- **What this task involves**
Please copy each line of the records below that holds the word "origin".

- **Data to process**
++++++++++

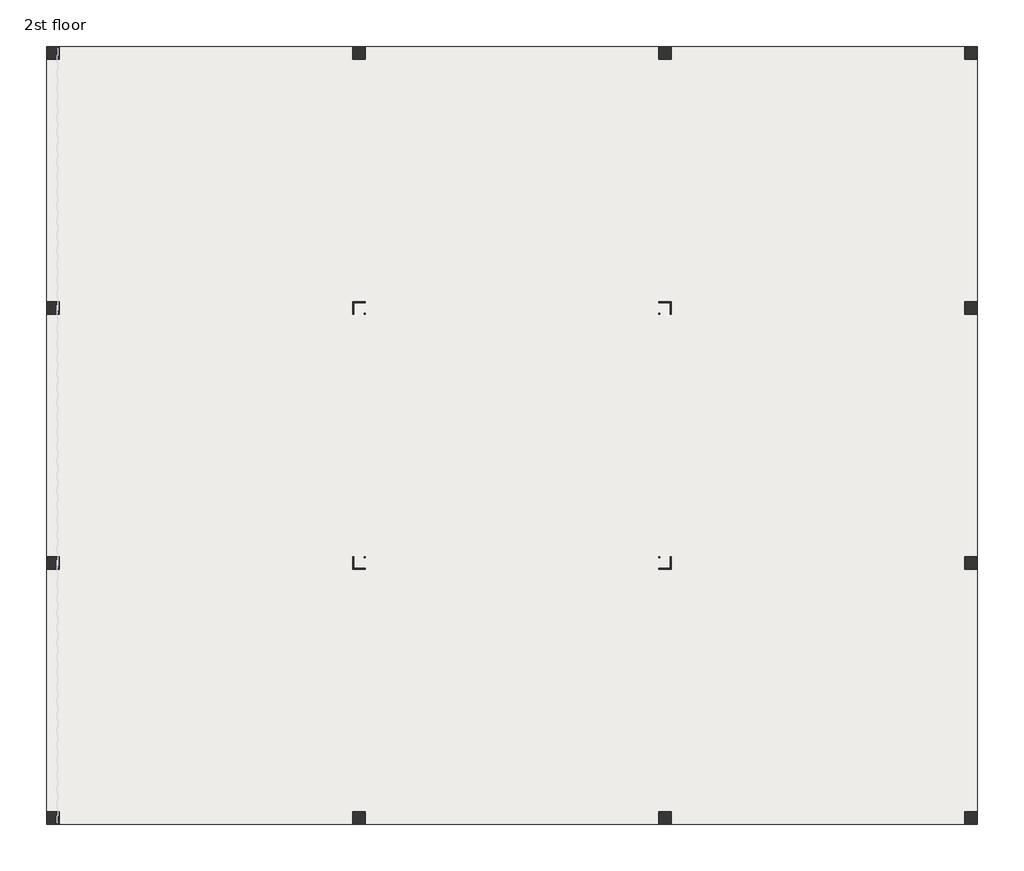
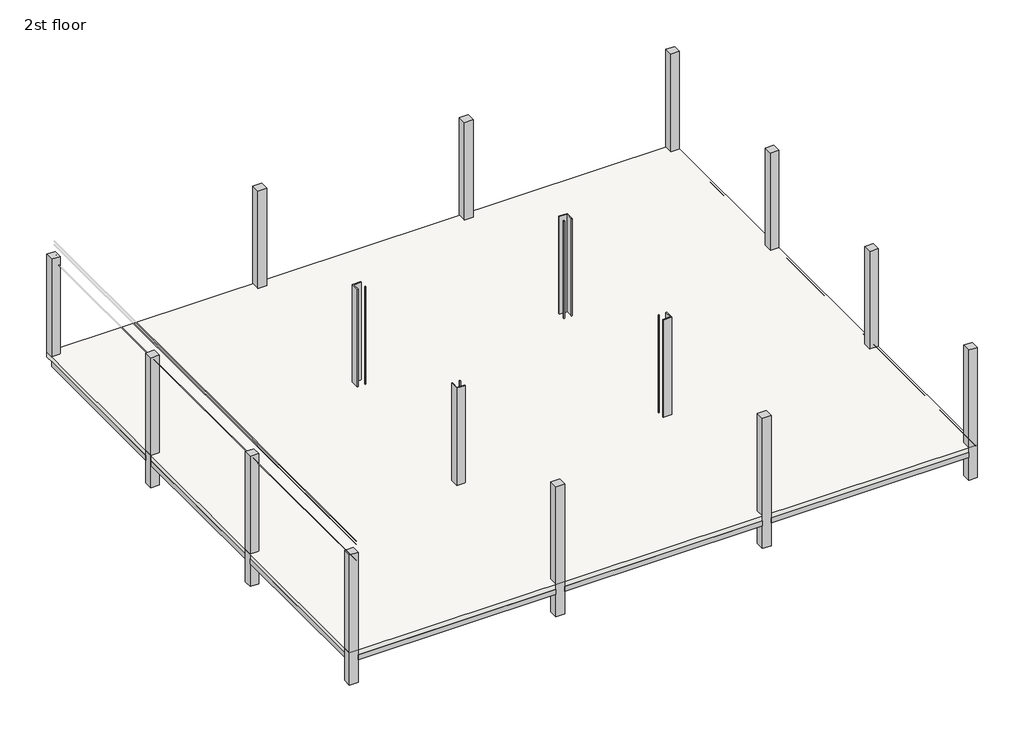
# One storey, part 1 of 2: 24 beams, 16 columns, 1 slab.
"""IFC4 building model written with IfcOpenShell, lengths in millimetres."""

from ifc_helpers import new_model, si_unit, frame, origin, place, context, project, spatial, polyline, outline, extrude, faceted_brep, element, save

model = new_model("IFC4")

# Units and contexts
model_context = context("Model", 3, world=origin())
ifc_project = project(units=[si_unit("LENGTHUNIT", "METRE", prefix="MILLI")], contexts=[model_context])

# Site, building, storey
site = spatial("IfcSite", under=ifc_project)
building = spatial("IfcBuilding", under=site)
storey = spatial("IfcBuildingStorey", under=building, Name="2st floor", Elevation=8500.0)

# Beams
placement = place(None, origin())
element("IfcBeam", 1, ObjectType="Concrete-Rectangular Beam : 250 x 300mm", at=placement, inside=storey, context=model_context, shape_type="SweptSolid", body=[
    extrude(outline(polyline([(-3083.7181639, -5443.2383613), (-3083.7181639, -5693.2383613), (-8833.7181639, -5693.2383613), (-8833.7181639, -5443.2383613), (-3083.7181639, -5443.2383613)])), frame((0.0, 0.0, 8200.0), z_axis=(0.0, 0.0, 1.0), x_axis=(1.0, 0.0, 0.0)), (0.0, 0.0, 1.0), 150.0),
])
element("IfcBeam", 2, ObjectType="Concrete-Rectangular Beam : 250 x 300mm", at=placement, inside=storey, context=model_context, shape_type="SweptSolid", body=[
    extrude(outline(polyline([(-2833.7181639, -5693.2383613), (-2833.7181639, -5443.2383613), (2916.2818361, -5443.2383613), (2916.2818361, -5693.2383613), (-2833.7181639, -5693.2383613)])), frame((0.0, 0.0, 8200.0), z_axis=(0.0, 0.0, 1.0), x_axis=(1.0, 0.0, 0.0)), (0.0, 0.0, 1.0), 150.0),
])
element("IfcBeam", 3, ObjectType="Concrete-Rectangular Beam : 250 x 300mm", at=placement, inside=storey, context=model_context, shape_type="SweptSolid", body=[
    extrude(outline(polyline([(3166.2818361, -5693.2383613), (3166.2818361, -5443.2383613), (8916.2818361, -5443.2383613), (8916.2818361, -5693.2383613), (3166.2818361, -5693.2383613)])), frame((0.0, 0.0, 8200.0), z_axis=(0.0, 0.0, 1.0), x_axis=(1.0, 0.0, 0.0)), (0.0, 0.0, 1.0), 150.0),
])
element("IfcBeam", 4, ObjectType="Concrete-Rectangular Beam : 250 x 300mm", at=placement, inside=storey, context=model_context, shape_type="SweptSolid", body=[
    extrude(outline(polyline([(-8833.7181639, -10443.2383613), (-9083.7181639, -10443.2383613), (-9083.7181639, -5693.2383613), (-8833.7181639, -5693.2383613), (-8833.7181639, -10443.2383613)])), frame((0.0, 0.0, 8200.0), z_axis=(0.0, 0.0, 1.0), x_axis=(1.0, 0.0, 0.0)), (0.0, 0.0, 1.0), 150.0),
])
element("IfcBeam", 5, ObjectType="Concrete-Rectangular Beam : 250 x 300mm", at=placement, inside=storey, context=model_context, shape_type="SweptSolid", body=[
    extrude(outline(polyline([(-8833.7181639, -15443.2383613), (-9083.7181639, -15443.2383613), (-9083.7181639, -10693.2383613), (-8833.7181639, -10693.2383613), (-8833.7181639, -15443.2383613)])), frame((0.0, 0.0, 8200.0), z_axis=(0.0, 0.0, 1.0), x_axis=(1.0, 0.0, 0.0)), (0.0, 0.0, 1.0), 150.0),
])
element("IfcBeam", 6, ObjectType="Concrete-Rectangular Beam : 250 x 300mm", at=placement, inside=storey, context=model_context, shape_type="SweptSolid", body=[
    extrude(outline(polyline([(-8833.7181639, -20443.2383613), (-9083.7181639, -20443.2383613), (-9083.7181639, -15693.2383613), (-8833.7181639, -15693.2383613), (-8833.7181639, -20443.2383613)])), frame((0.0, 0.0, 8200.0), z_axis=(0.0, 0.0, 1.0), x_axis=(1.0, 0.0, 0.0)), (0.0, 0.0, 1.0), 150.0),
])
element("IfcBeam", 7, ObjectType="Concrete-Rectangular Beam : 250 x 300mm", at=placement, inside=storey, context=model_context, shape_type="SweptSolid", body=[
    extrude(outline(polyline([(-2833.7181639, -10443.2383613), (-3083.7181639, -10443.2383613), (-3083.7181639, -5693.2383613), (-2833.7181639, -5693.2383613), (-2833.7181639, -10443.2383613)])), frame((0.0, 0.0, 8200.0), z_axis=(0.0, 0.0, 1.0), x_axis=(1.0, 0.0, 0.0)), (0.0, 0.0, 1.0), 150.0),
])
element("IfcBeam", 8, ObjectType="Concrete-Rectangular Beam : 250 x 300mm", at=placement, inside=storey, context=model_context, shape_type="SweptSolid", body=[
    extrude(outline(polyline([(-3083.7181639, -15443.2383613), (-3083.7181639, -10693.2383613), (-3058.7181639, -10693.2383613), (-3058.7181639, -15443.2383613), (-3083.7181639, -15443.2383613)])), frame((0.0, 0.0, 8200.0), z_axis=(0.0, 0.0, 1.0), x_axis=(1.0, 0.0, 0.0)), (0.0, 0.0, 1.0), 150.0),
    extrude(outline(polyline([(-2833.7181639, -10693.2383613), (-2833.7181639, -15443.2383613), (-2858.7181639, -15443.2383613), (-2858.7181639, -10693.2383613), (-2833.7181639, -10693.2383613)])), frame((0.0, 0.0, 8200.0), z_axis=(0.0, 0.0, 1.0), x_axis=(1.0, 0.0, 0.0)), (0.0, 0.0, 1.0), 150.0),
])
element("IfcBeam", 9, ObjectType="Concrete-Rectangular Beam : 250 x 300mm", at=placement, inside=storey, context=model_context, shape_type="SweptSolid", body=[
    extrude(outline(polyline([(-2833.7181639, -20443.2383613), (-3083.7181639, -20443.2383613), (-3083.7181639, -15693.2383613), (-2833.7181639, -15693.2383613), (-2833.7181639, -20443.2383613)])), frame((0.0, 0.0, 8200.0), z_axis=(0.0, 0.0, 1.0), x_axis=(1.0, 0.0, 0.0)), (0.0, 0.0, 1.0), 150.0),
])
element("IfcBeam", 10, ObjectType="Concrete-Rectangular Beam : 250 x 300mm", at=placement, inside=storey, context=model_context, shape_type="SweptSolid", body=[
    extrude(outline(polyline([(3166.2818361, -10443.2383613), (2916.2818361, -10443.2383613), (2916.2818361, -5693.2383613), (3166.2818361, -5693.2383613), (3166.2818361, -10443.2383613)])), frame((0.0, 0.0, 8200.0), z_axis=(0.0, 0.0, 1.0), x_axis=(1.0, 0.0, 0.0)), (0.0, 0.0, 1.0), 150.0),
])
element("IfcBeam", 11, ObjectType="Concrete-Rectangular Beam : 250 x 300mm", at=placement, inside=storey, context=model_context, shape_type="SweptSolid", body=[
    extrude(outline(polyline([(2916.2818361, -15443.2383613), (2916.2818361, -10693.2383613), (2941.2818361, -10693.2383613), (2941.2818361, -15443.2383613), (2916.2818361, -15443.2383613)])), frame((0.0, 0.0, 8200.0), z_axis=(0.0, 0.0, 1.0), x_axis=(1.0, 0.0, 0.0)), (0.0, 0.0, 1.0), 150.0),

++++++++++

- **Exercise answer**
from ifc_helpers import new_model, si_unit, frame, origin, place, context, project, spatial, polyline, outline, extrude, faceted_brep, element, save
model_context = context("Model", 3, world=origin())
placement = place(None, origin())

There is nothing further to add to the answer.